Stage 2: The Input—Speech-to-Text (STT)¶
You need to convert the user's spoken question ("What is this painting about?") into text that the VLM can process.
- Recommended STT Library: Use Vosk API. Vosk is an open-source, offline speech recognition toolkit with small, portable models (around 50MB per language) that run on both Android and iOS with low latency.
- Implementation: The app records the user's voice, passes the audio to the local Vosk model, and receives the transcribed text.
Stage 3: The Core Logic—Vision-Language Model (VLM)¶
This is where the intelligence lies, combining the image and text question.
- Input Flow: The app takes the camera photo and the transcribed text from the STT model (Stage 2).
- VLM Processing: The VLM (e.g., Qwen2.5-VL-7B-Instruct running on
llama.cppor MLLM) processes both the image pixels (or a visual embedding derived from the image) and the text prompt to generate a textual response.- Prompt Example:
[Image of a painting] + "What is the historical significance of the person wearing red in this painting?" - Output:
"The person wearing red is likely a patron or donor..."
- Prompt Example:
Stage 4: The Output—Text-to-Speech (TTS)¶
You need to convert the VLM's text answer into clear, natural-sounding audio.

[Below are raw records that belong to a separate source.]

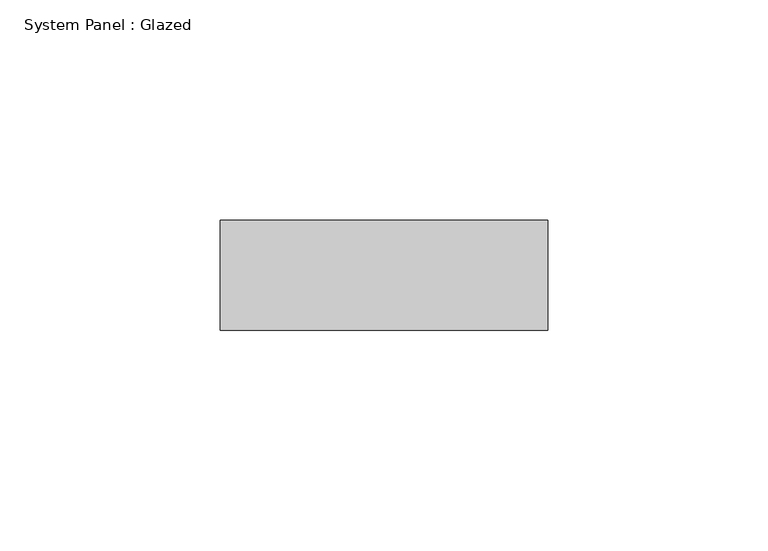
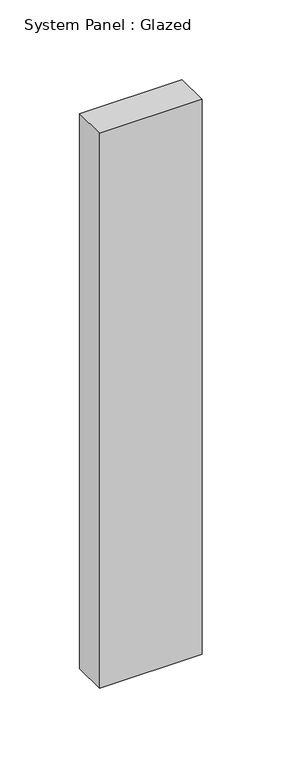
"""IFC4 building model written with IfcOpenShell, lengths in millimetres: plate geometry, System Panel : Glazed."""

from ifc_helpers import new_model, si_unit, origin, origin_with_axes, place, context, project, spatial, polyline, outline, extrude, source, transform, mapped, element, save


def system_panel_glazed_e987ce54(model_context):
    return source(origin(), model_context, "Body", "SweptSolid", [
        extrude(outline(polyline([(37.2092572, 24.5), (-37.2092572, 24.5), (-37.2092572, 49.5), (37.2092572, 49.5), (37.2092572, 24.5)])), origin_with_axes(), (0.0, 0.0, 1.0), 425.0),
    ])


if __name__ == "__main__":
    model = new_model("IFC4")
    model_context = context("Model", 3, world=origin())
    ifc_project = project(units=[si_unit("LENGTHUNIT", "METRE", prefix="MILLI")], contexts=[model_context])
    site = spatial("IfcSite", under=ifc_project)
    building = spatial("IfcBuilding", under=site)
    placement = place(None, origin())
    system_panel_glazed_shape = system_panel_glazed_e987ce54(model_context)
    element("IfcPlate", 1, ObjectType="System Panel : Glazed", at=placement, inside=building, context=model_context, shape_type="MappedRepresentation", body=[
        mapped(system_panel_glazed_shape, transform((0.0, 0.0, 0.0), x_axis=(1.0, 0.0, 0.0), y_axis=(0.0, 1.0, 0.0), z_axis=(0.0, 0.0, 1.0))),
    ])
    save(model, "model.ifc")

# Revit data of these elements
# Type "System Panel : Glazed"
#   Keynote = "H11"
#   Construction Type Id = "GSP4R"
#   Analytic Construction = "1/8 in Pilkington single glazing"
#   Visual Light Transmittance = 0.9
#   Solar Heat Gain Coefficient = 0.86
#   Heat Transfer Coefficient (U) = 6.7069 W/(m²·K)
# Element 1 (IfcPlate, "System Panel : Glazed")
#   Materials on its faces: "Glass"
# Materials
#   "Glass": class "Glass", colour RGB 0 128 192, transparency 0.9, Description = "Soda Lime Glass", Cost = 0

- Recommended TTS Library: The most compelling local, open-source choice is NeuTTS Air or a comparable lightweight alternative like MeloTTS. NeuTTS Air is built off a small LLM backbone and is specifically optimized for on-device deployment in the GGUF/GGML format, ensuring real-time, natural-sounding audio output without a cloud connection.
- Implementation: The AI's generated text answer is streamed or passed as a block to the local TTS model, which generates the audio waveform and plays it through the device's speaker.
Architectural Summary (User Experience Flow)¶
- User Action: User takes a picture of a museum object and taps a "Speak" button.
- Initial Input (STT): User speaks their question. (Vosk runs locally)
- Processing (VLM): The picture and the transcribed text are fed to the local Qwen2.5-VL-7B-Instruct. (llama.cpp/MLLM runs locally)
- AI Output (TTS): The VLM's text response is fed to NeuTTS Air, which generates and streams the audio. (NeuTTS Air runs locally)
- Loop for Follow-up: The app remains open for the user to ask a follow-up question, restarting the cycle from Step 2, ensuring a fluid, conversational experience.